Ho scelto poi la facoltà di Fisica, certa che mi avrebbe permesso di carpirne i segreti. Il Dipartimento di Fisica dell’Università di Torino è uno dei migliori in Italia, un ambiente molto stimolante. L’esperienza è stata così positiva, che dopo la laurea ho deciso di proseguire questo percorso, sempre a Torino col dottorato di ricerca, poi all’estero». Lavorando alla Technical University di Monaco di Baviera, Claudia, a soli 26 anni, ottiene risultati scientifici che la fanno conoscere a livello internazionale e le permettono di avere incarichi dapprima al Centro di Ricerche Europeo di Trento poi negli Usa. «La Germania e gli Stati Uniti investono molto di più nella ricerca di base rispetto all’Italia – segnala Claudia Ratti. Questo ovviamente ha un impatto sulle risorse che un ricercatore ha a disposizione: per fare un esempio, le simulazioni numeriche di cui mi occupo hanno bisogno dei supercomputer più potenti al mondo che fino a qualche tempo fa si trovavano solo in Germania e negli Stati Uniti. Solo recentemente l’Italia ha acquisito una strumentazione molto competitiva a livello internazionale, che mi consentirà di proseguire le mie ricerche anche qui».
A riportare Claudia in Italia – «scelta non facile, dopo tanti anni all’estero» – è stata una iniziativa dedicata ai giovani ricercatori: il progetto proposto dalla giovane scienziata astigiana è stato selezionato fra 4000 ed è rientrato tra i 100 finanziati dal Ministero dell’Istruzione nell’ambito del programma Firb Futuro in Ricerca, 2010-2014.

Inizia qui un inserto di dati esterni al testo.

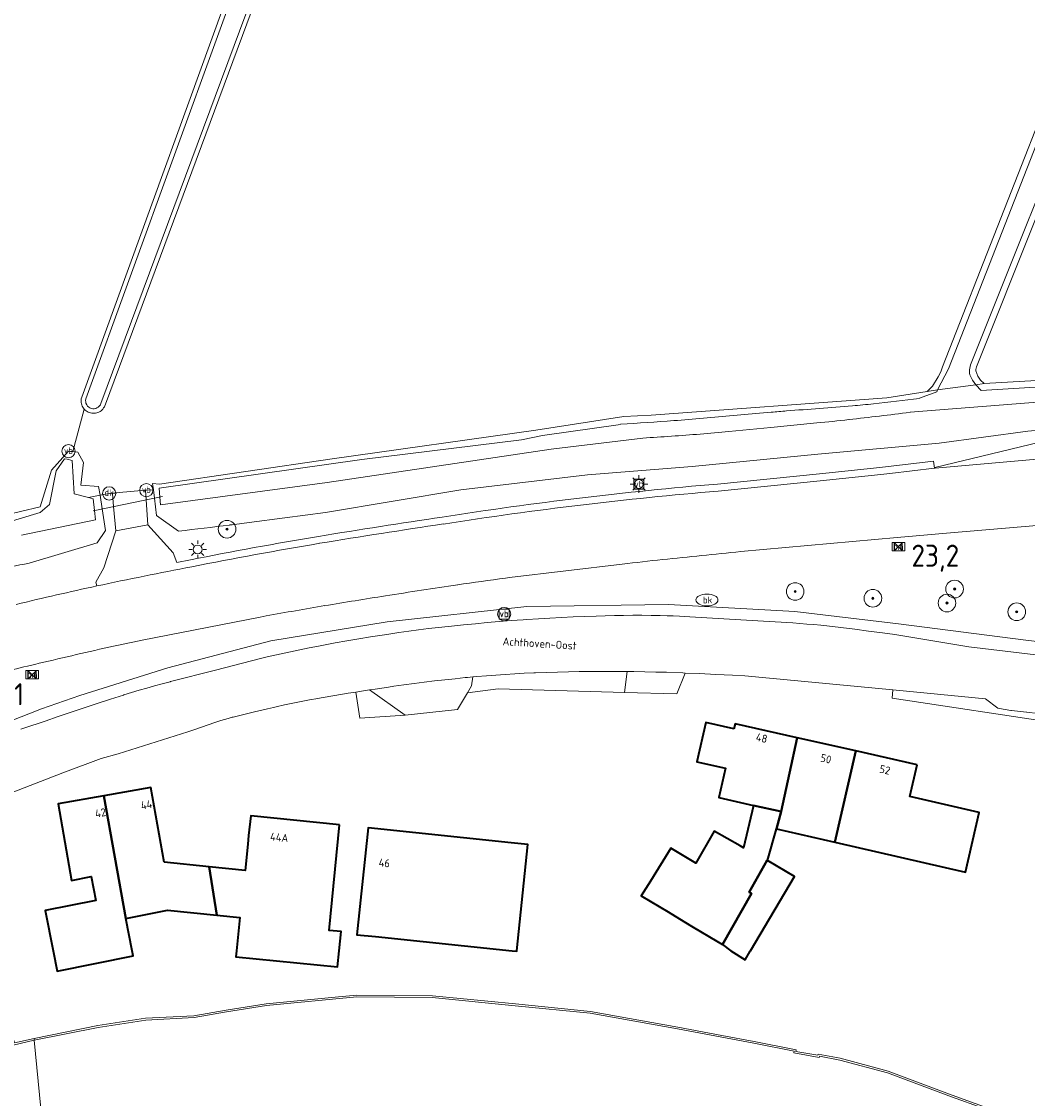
# Model space of a CAD drawing. Header units: metres. Extents: x 125158 to 132124, y 450612 to 454469.
# Tile 99 of 173: x 128748 to 128862, y 451983 to 452105. Entities that reach past the tile are written whole.
import ezdxf
from ezdxf.enums import TextEntityAlignment as Align

# ---------------------------------------------------------------- set-up
doc = ezdxf.new("R2010")
doc.units = ezdxf.units.M
doc.layers.get('0').update_dxf_attribs({"color": 8})
for name, color, linetype, lineweight in [('B-XX-GR-BOOM-S', 8, 'Continuous', 25), ('B-XX-IE-TERREINAFSCHEIDING-GV', 8, 'Continuous', 18), ('B-XX-KL-ET_LS_OV_LICHTMAST-S', 8, 'Continuous', 25), ('B-XX-KL-WATER_BRANDLEIDING_PUT-S', 8, 'Continuous', 25), ('B-XX-KW-KUNSTWERK_DUIKER-G', 8, 'Continuous', 18), ('B-XX-OG-BEBOUWING-GV', 8, 'Continuous', 35), ('B-XX-OG-BEBOUWING-T18', 8, 'Continuous', 18), ('B-XX-OG-TERREIN_CULTUURSCHEIDING-GV', 8, 'Continuous', 18), ('B-XX-OG-TOPOGRAFIE-T18', 8, 'Continuous', 18), ('B-XX-OG-WATER-GV', 8, 'Continuous', 18), ('B-XX-OG-WATER_SLOOT-GV', 8, 'Continuous', 18), ('B-XX-OG-WEG-GV', 8, 'Continuous', 18), ('B-XX-VH-VERHARDING_BETONSTRAATSTEEN-GV', 8, 'Continuous', 18), ('B-XX-VW-HECTOMETRERING-S', 8, 'Continuous', 25), ('B-XX-VW-VERKEERSTEKEN_BORD-S', 8, 'Continuous', 25), ('B-XX-VW-VERKEERSTEKEN_DRAAGCONSTRUCTIE-S', 8, 'Continuous', 25), ('B-XX-VW-VRI-S', 8, 'Continuous', 25)]:
    doc.layers.add(name, color=color, linetype=linetype, lineweight=lineweight)
doc.layers.add('TOPOT30', color=1, linetype='Continuous')
doc.styles.add('ISO', font='iso', dxfattribs={"height": 5})
doc.styles.add('NLCS-ISO', font='NLCS-ISO.ttf')
doc.styles.add('NLCS-ISO-M-T18', font='NLCS-ISO.ttf', dxfattribs={"height": 1.8})

# ---------------------------------------------------------------- blocks, each defined once
blk = doc.blocks.new('SKL-WATER_BRANDKRAAN_BRANDPUT-SO')
at = {"color": 0, "linetype": 'ByBlock', "lineweight": 18}
blk.add_ellipse((0, 0), major_axis=(2.5, 0), ratio=0.54, dxfattribs=at)
at = {"color": 0, "linetype": 'ByBlock', "lineweight": 18, "style": 'NLCS-ISO'}
blk.add_text('bk', height=1.5, dxfattribs=at).set_placement((0.16, 0), align=Align.MIDDLE_CENTER)
blk = doc.blocks.new('SIE-WEG_VERKEERSBORD-SO')
at = {"color": 0, "linetype": 'ByBlock', "lineweight": 18}
blk.add_lwpolyline([(-1.125, -1.125), (1.125, -1.125), (1.125, 1.125), (-1.125, 1.125)], close=True, dxfattribs=at)
at = {"color": 0, "linetype": 'ByBlock', "lineweight": 18, "style": 'NLCS-ISO'}
blk.add_text('vb', height=1.5, dxfattribs=at).set_placement((0, 0), align=Align.MIDDLE_CENTER)
blk = doc.blocks.new('SIE-WEG_PAAL_VERKEERSBORD-SO')
at = {"color": 0, "linetype": 'ByBlock', "lineweight": 18}
blk.add_circle((0, 0), 1.5, dxfattribs=at)
at = {"color": 0, "linetype": 'ByBlock', "lineweight": 18, "style": 'NLCS-ISO'}
blk.add_text('vb', height=1.5, dxfattribs=at).set_placement((0, 0.13), align=Align.MIDDLE_CENTER)
blk = doc.blocks.new('SKL-ET_OV_LICHTMAST-SO')
at = {"color": 0, "linetype": 'ByBlock', "lineweight": 18}
for points in [[(-1.25, 0), (-2, 0)], [(-1.41, 1.41), (-0.88, 0.88)], [(0, 2), (0, 1.25)], [(0.88, 0.88), (1.41, 1.41)], [(2, 0), (1.25, 0)], [(-1.41, -1.41), (-0.88, -0.88)], [(0, -1.25), (0, -2)], [(0.88, -0.88), (1.41, -1.41)]]:
    blk.add_lwpolyline(points, dxfattribs=at)
blk.add_circle((0, 0), 1, dxfattribs=at)
blk = doc.blocks.new('SIE-WEG_PAAL_HECTOMETERPAAL-SO')
at = {"color": 0, "linetype": 'ByBlock', "lineweight": 18}
blk.add_lwpolyline([(-1.44375, -0.94375), (1.44375, -0.94375), (1.44375, 0.94375), (-1.44375, 0.94375)], close=True, dxfattribs=at)
at = {"color": 0, "linetype": 'ByBlock', "lineweight": 18, "style": 'NLCS-ISO'}
blk.add_text('hm', height=1.5, dxfattribs=at).set_placement((0, 0), align=Align.MIDDLE_CENTER)
blk = doc.blocks.new('SIE-WEG_PAAL_DRUKKNOPPAAL-SO')
at = {"color": 0, "linetype": 'ByBlock', "lineweight": 18}
blk.add_circle((0, 0), 1.5, dxfattribs=at)
at = {"color": 0, "linetype": 'ByBlock', "lineweight": 18, "style": 'NLCS-ISO'}
blk.add_text('dk', height=1.5, dxfattribs=at).set_placement((0, 0.15), align=Align.MIDDLE_CENTER)
blk = doc.blocks.new('SGR-BOOM_01-SO')
at = {"linetype": 'ByBlock', "lineweight": 18}
h = blk.add_hatch(color=0, dxfattribs=at)
h.dxf.hatch_style = 1
edge = h.paths.add_edge_path()
edge.add_arc((0, 0), 0.25, 0, 360)
at = {"color": 0, "linetype": 'ByBlock', "lineweight": 18}
for radius in [2, 0.25]:
    blk.add_circle((0, 0), radius, dxfattribs=at)
blk = doc.blocks.new('kilometerpaal')
at = {"color": 0}
for p, q in [((-0.44, 0.44), (0.44, -0.44)), ((-0.44, -0.44), (-0.44, 0.44)), ((0.44, 0.44), (-0.44, -0.44)), ((0.44, -0.44), (0.44, 0.44))]:
    blk.add_line(p, q, dxfattribs=at)
at = {"color": 0, "style": 'ISO'}
blk.add_attdef('KILOMETERPAAL', (0.59, 0.87), '', height=2.5, dxfattribs=at)

msp = doc.modelspace()

# ---------------------------------------------------------------- linework, layer by layer
at = {"layer": 'B-XX-IE-TERREINAFSCHEIDING-GV'}
msp.add_lwpolyline([(128859.15, 451981.75), (128853.92, 451983.62), (128846.67, 451986.37), (128841.23, 451987.81), (128838.73, 451988.29), (128838.7, 451988.16), (128836.21, 451988.6), (128836.24, 451988.78), (128831.48, 451989.71), (128827.82, 451990.4), (128822.83, 451991.34), (128812.92, 451993.12), (128804.41, 451993.97), (128795, 451994.91), (128786.43, 451994.96), (128784.34, 451994.76), (128776.16, 451993.98), (128771.63, 451993.27), (128767.96, 451992.63), (128762.48, 451992.35), (128757.09, 451991.51), (128749.84, 451990.06), (128749.86, 451989.85), (128757.12, 451991.31), (128762.5, 451992.15), (128767.99, 451992.43), (128771.66, 451993.07), (128776.18, 451993.78), (128786.44, 451994.76), (128794.99, 451994.71), (128804.39, 451993.77), (128812.89, 451992.93), (128822.8, 451991.15), (128831.44, 451989.51), (128836.01, 451988.62), (128835.98, 451988.44), (128838.86, 451987.92), (128838.89, 451988.06), (128841.18, 451987.61), (128846.6, 451986.18), (128853.85, 451983.43), (128861.01, 451980.87)], dxfattribs=at)
msp.add_lwpolyline([(128749.86, 451989.85), (128749.84, 451990.06), (128747.63, 451989.55), (128747.56, 451989.85), (128747.47, 451989.83), (128747.13, 451989.75), (128744.66, 451989.18), (128744.66, 451989.18), (128744.7, 451988.99), (128747.41, 451989.61), (128747.48, 451989.31)], close=True, dxfattribs=at)
at = {"layer": 'B-XX-KW-KUNSTWERK_DUIKER-G'}
msp.add_lwpolyline([(128756.54, 452049.88), (128764.42, 452051.5)], dxfattribs=at)
at = {"layer": 'B-XX-OG-BEBOUWING-GV'}
for points in [[(128829.18, 452025.14), (128825.99, 452025.86), (128824.99, 452021.42), (128828.21, 452020.7), (128827.46, 452017.37), (128831.41, 452016.48), (128834.54, 452015.78), (128835.48, 452020.12), (128836.36, 452024.14), (128829.31, 452025.72)], [(128842.99, 452022.65), (128836.36, 452024.14), (128835.48, 452020.12), (128834.54, 452015.78), (128833.99, 452013.83), (128840.6, 452012.3)], [(128849.94, 452021.09), (128842.99, 452022.65), (128840.6, 452012.3), (128855.44, 452008.92), (128856.98, 452015.68), (128849.12, 452017.47)], [(128764.58, 452010.04), (128763.09, 452018.49), (128757.76, 452017.55), (128760.24, 452003.66), (128764.97, 452004.61), (128770.58, 452004.03), (128769.68, 452009.51)], [(128760.24, 452003.66), (128757.76, 452017.55), (128752.57, 452016.64), (128754.09, 452007.98), (128756.32, 452008.43), (128756.86, 452005.7), (128751.11, 452004.55), (128752.01, 452000), (128752.48, 451997.69), (128761.09, 451999.41), (128760.97, 452000)], [(128834.54, 452015.78), (128831.41, 452016.48), (128830.26, 452011.67), (128829.87, 452011.88), (128826.95, 452013.57), (128824.87, 452009.92), (128822.03, 452011.63), (128819.72, 452007.89), (128818.68, 452006.21), (128821.71, 452004.41), (128823.49, 452003.32), (128824.54, 452002.69), (128827.24, 452001.1), (128827.87, 452000.71), (128831.17, 452006.48), (128830.91, 452006.66), (128832.93, 452010.27), (128832.99, 452010.24), (128833.99, 452013.83)], [(128784.46, 452014.26), (128774.4, 452015.29), (128774.17, 452013.08), (128774.07, 452012.09), (128773.76, 452009.09), (128769.68, 452009.51), (128770.58, 452004.03), (128773.17, 452003.76), (128772.79, 452000), (128772.72, 451999.3), (128784.25, 451998.17), (128784.43, 452000), (128784.65, 452002.17), (128783.29, 452002.31)], [(128803.92, 452012.24), (128787.7, 452013.92), (128786.45, 452001.82), (128788.55, 452001.6), (128804.03, 452000), (128804.56, 451999.95), (128804.57, 452000), (128805.81, 452012.05)], [(128832.99, 452010.24), (128832.93, 452010.27), (128830.91, 452006.66), (128831.17, 452006.48), (128827.87, 452000.71), (128828.83, 452000.01), (128828.84, 452000), (128830.44, 451998.97), (128831.03, 451999.96), (128831.05, 452000), (128836.06, 452008.4)]]:
    msp.add_lwpolyline(points, close=True, dxfattribs=at)
at = {"layer": 'B-XX-OG-TERREIN_CULTUURSCHEIDING-GV'}
for points in [[(128779.1, 452118.92), (128757.93, 452061.94), (128757.87, 452061.76), (128757.81, 452061.64), (128757.73, 452061.52), (128757.65, 452061.4), (128757.55, 452061.3), (128757.44, 452061.21), (128757.33, 452061.13), (128757.2, 452061.06), (128757.08, 452061.01), (128756.94, 452060.96), (128756.8, 452060.93), (128756.66, 452060.92), (128756.52, 452060.92), (128756.38, 452060.93), (128756.25, 452060.96), (128756.11, 452061), (128755.98, 452061.05), (128755.86, 452061.12), (128755.74, 452061.2), (128755.63, 452061.29), (128755.53, 452061.39), (128754.23, 452056.57), (128754.8, 452056.5), (128755.43, 452055.34), (128755.15, 452052.77), (128757.16, 452052.64), (128757.32, 452051.63), (128758.35, 452051.84), (128759.48, 452051.94), (128762.49, 452052.2), (128762.57, 452052.21), (128763.37, 452052.24), (128763.28, 452052.97), (128764.07, 452052.87), (128783.63, 452055.75), (128806.71, 452059), (128816.7, 452060.57), (128819.81, 452060.7), (128846.51, 452062.68), (128851.08, 452063.4), (128851.68, 452064.01), (128852.34, 452065.04), (128852.53, 452065.39), (128852.68, 452065.75), (128852.82, 452066.19), (128866.04, 452099.9)], [(128743.82, 452048.74), (128750.52, 452050.32), (128751.82, 452054.49), (128753.74, 452056.63), (128753.97, 452056.6), (128754.23, 452056.57), (128755.53, 452061.39), (128755.45, 452061.49), (128755.37, 452061.61), (128755.3, 452061.74), (128755.25, 452061.87), (128755.21, 452062), (128755.19, 452062.14), (128755.18, 452062.28), (128755.18, 452062.42), (128755.2, 452062.56), (128755.24, 452062.73), (128775.34, 452118.09)], [(128870.12, 452099.83), (128856.68, 452066.19), (128856.63, 452066.04), (128856.6, 452065.89), (128856.59, 452065.73), (128856.82, 452065.13), (128857.14, 452064.67), (128857.55, 452064.3), (128882.59, 452065.74)], [(128868, 452034.53), (128862.26, 452035.21), (128847.82, 452037.06), (128836.1, 452038.44), (128821.78, 452039.25), (128805.69, 452039.03), (128789.88, 452037.3), (128776.69, 452035.13), (128765.02, 452032.05), (128755.04, 452028.94), (128750.67, 452027.42), (128743.55, 452024.61)], [(128748.34, 452025.12), (128749.38, 452025.47), (128750.42, 452025.81), (128751.12, 452026.04), (128752.59, 452026.55), (128754.06, 452027.05), (128755.53, 452027.54), (128757.01, 452028.03), (128758.49, 452028.51), (128759.97, 452028.98), (128760.01, 452028.99), (128760.88, 452029.26), (128761.76, 452029.53), (128762.63, 452029.78), (128763.5, 452030.03), (128764.38, 452030.27), (128765.26, 452030.5), (128765.3, 452030.51), (128770.4, 452031.82), (128775.5, 452033.12), (128775.66, 452033.16), (128776.25, 452033.31), (128776.79, 452033.44), (128777.84, 452033.67), (128778.9, 452033.9), (128779.96, 452034.12), (128781.01, 452034.33), (128782.07, 452034.54), (128782.65, 452034.65), (128783.98, 452034.89), (128785.31, 452035.12), (128786.65, 452035.35), (128787.98, 452035.57), (128789.32, 452035.78), (128790.07, 452035.89), (128791.18, 452036.06), (128792.31, 452036.22), (128793.43, 452036.36), (128794.55, 452036.51), (128795.68, 452036.64), (128796.8, 452036.77), (128797.15, 452036.8), (128798.51, 452036.94), (128799.87, 452037.07), (128801.22, 452037.2), (128802.58, 452037.31), (128803.94, 452037.42), (128805.3, 452037.52), (128805.71, 452037.55), (128807.02, 452037.64), (128808.32, 452037.71), (128809.63, 452037.78), (128810.94, 452037.84), (128812.25, 452037.9), (128813.56, 452037.94), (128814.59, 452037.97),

«Così – spiega Claudia – ho potuto creare il mio gruppo di ricerca al Dipartimento di Fisica di Torino, con il quale studio le proprietà del plasma di Quark e Gluoni, una nuova fase della materia che si raggiunge a temperature o densità elevatissime. Si suppone che l’Universo si trovasse in questa fase nei primissimi istanti dopo il Big Bang, quindi le mie ricerche hanno l’obiettivo, tra le altre cose, di far luce sulle origini dell’universo».
L’équipe guidata da Claudia è composta da sette persone: tre sono giovani studenti, gli altri sono ricercatori e professori che lavorano all’Università o per l’Istituto Nazionale di Fisica Nucleare (Infn). Oltre ad avere un accordo di partenariato con l’Università di Catania, che sviluppa alcuni punti del programma, l’unità di ricerca è strettamente collegata con il Cern di Ginevra. «Gli esperimenti di collisioni di ioni pesanti in corso all’LHC del Cern (si tratta del Progetto Alice che vede impegnati oltre mille scienziati sotto la guida del fisico torinese Paolo Giubellino, ndr) permettono di creare in laboratorio il plasma di quark e gluoni che è l’oggetto dei nostri studi – spiega la ricercatrice astigiana.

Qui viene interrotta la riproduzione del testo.